Siz hiç acıyı saklayabilen gözler gördünüz mü? Yüzünde derin ve umutlu bir tebessüm ama gözlerinde ağır ve toprak kokusu ince bir hüzün. Ben gördüm. Kahramanmaraş’ta insanlar acıyı gözlerinde yaşamayı öğrenmiş. Yurtlarına olan derin ve güçlü bağları onlarda umudun, tutunmanın en önemli gerekçesi olmuş. Ve kapı kapı, oda oda, sokak sokak taşan hüznü susturmayı başarabilmişler. Susarak ve bakışlarıyla paylaşarak tutuyorlar yaslarını. Biliyorlar ruh giderse, umut biterse coğrafya da gider.
Çünkü onlar, Sütçü İmam’ın, Rıdvan Hoca’nın torunları. Çünkü onlar, orduyla değil çetelerle, kadın, kız ve çocuklarla, taş, sopa, baltalarla, el, kol, tırnaklarla ve canla başla direnmenin adı olmuşlar. O zaman vazgeçmemişler topraklarından şimdi mi vazgeçecekler? Depremden hemen sonra dönmüşler yurtlarına. Zira Sütçü İmam ve “Kalede bayrağımız olmadıkça bu camide size cuma namazı kıldıramam!” diyen Ulucami İmamının ruhudur, bu topraklarda hala gezer. Maraşlı da zamanın ruhunu taşıyan, tohumunu unutmayan ağaç gibi. Ağaç, tohumu; insan, anasını unutur mu? Şehir de bir ana elbet. Geleneğe, göreneğe, merhamete, sevgiye bakan yüzüyle sarıp sarmalayan bir ana.
İşte böylesi bir sevdanın tam da ortasındaydım geçen hafta. Öğretmen Akademileri kapsamında sevgili öğretmen dostlarımla buluşmak üzere Kahramanmaraş’a gittim. Ruhundaki yorgunlukları ve hüznü alıp bitip tükenmeyen bir çabaya ve koşturmaya dönüştüren Öğretmen Akademilerinden sorumlu sevgili Yüksel Eskalen Hanımefendi’nin nazik karşılaması ile ilk durağımız İl Milli Eğitim Müdürlüğü oluyor. İl Müdürü Sayın Erhan Baydur ve değerli eşleri ile keyifli bir sohbete dalıyoruz. “Hocam zor olmalı, deprem bölgesi.” diyorum. Erhan Hoca “Bilakis hocam, bu bizim için bir fırsat, millete hizmet şansı demek. İnşallah layık oluyoruzdur” diyor. Bir yandan tarhananın dile gelmiş hali gibi duran firikten tadarken bir yandan da bu cümlenin öylesine kurulup kurulmadığını anlamaya çalışıyorum. “Neler yapıyorsunuz hocam? Yol boyu yükselmiş binalardan anladığım kadarıyla hızlı bir yapılanma var.” Erhan Hoca aşkla anlatıyor buradaki çalışmaları.

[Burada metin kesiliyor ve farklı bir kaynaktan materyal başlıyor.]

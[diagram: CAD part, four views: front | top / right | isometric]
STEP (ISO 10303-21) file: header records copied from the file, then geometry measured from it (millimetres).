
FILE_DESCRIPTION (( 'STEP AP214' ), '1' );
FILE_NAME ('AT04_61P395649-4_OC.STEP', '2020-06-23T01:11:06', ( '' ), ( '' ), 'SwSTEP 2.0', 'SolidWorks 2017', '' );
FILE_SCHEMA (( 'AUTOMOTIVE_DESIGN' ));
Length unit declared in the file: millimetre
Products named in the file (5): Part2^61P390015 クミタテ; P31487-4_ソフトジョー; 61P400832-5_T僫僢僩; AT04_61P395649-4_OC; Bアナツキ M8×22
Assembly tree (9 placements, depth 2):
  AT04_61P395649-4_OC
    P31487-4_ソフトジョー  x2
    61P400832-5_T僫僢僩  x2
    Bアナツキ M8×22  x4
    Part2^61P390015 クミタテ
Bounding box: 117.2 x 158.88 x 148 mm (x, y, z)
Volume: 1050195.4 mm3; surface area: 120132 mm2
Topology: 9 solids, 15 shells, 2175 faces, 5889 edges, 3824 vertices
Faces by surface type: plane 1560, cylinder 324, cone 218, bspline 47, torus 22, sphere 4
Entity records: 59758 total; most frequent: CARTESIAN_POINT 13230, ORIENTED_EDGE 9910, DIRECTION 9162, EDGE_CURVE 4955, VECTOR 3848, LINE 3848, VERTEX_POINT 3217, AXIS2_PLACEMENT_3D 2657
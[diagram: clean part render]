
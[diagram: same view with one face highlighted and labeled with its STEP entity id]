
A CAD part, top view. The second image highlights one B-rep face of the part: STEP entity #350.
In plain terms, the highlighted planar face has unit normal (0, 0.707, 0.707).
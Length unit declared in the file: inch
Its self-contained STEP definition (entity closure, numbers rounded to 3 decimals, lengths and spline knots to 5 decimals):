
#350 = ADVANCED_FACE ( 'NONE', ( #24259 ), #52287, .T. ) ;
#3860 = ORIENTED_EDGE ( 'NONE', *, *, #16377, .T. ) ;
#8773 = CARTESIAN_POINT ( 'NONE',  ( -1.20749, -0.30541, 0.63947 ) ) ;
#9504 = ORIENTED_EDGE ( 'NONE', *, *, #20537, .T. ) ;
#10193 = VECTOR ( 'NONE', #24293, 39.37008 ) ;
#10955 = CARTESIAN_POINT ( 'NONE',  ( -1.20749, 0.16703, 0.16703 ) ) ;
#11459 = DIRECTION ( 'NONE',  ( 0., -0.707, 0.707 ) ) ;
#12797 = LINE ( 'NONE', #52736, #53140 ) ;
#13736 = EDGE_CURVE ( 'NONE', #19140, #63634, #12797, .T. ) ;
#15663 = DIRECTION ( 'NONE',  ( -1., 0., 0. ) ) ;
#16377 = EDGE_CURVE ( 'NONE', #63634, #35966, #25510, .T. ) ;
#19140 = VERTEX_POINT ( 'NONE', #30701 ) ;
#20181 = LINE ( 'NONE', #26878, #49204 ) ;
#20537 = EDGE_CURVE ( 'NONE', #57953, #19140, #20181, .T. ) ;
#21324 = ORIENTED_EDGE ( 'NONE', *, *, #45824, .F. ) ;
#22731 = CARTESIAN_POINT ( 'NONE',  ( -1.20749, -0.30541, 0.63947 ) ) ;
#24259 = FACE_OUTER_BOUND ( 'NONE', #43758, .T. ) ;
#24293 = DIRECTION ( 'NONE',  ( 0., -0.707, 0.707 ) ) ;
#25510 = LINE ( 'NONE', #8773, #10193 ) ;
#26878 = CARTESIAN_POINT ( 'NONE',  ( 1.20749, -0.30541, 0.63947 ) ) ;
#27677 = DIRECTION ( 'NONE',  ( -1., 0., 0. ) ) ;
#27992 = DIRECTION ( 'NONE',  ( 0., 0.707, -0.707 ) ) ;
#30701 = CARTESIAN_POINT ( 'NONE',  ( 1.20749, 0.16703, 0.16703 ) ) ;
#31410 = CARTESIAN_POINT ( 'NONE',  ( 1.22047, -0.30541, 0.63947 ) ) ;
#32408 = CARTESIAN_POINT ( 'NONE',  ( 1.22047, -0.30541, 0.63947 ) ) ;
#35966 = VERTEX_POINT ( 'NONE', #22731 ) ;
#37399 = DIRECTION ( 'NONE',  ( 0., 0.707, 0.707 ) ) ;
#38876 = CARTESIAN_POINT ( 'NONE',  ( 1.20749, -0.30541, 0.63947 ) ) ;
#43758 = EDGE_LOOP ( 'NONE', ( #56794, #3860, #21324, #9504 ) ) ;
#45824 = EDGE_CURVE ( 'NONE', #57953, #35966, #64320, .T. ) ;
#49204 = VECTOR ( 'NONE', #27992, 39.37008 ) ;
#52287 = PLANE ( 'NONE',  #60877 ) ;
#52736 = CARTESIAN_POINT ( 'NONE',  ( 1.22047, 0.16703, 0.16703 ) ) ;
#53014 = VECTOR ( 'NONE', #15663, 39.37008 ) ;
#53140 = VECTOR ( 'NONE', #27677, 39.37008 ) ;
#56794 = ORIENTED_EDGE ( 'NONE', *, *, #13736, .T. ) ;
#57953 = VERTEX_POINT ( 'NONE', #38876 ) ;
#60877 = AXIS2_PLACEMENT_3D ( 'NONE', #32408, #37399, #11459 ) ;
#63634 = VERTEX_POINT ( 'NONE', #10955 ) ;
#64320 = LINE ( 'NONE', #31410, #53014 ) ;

İl protokolü ile liseli gençlerin kitap okumaları yapıp bunları birlikte tartıştıkları programlar, tiyatro şenlikleri, yazar-okur buluşmaları, yerel tarihi değerleri tanıma adına kapsamlı projeler, öğretmenlere motivasyon çalışmaları, gençleri sık sık kürsüye çıkaran faaliyetler, Yedi Güzel Adam ile ilgili projeler, okul okul yazar buluşmaları daha pek çok şey… Bir ara şaşkınlıkla sözünü kesiyorum “Hocam ya imar faaliyetleri? Okullar yapıldı mı ki bunca kültürel program yapabiliyorsunuz?” “Hocam devletimiz son derece hızlı bir biçimde imar ediyor okullarımızı. Bizim imar çalışmalarından daha önemli gördüğümüz vazifemiz ihya etmek. Binalardan evvel çocuklarımızı ayağa kaldıramazsak asıl o zaman yıkıntının altında kalırız.”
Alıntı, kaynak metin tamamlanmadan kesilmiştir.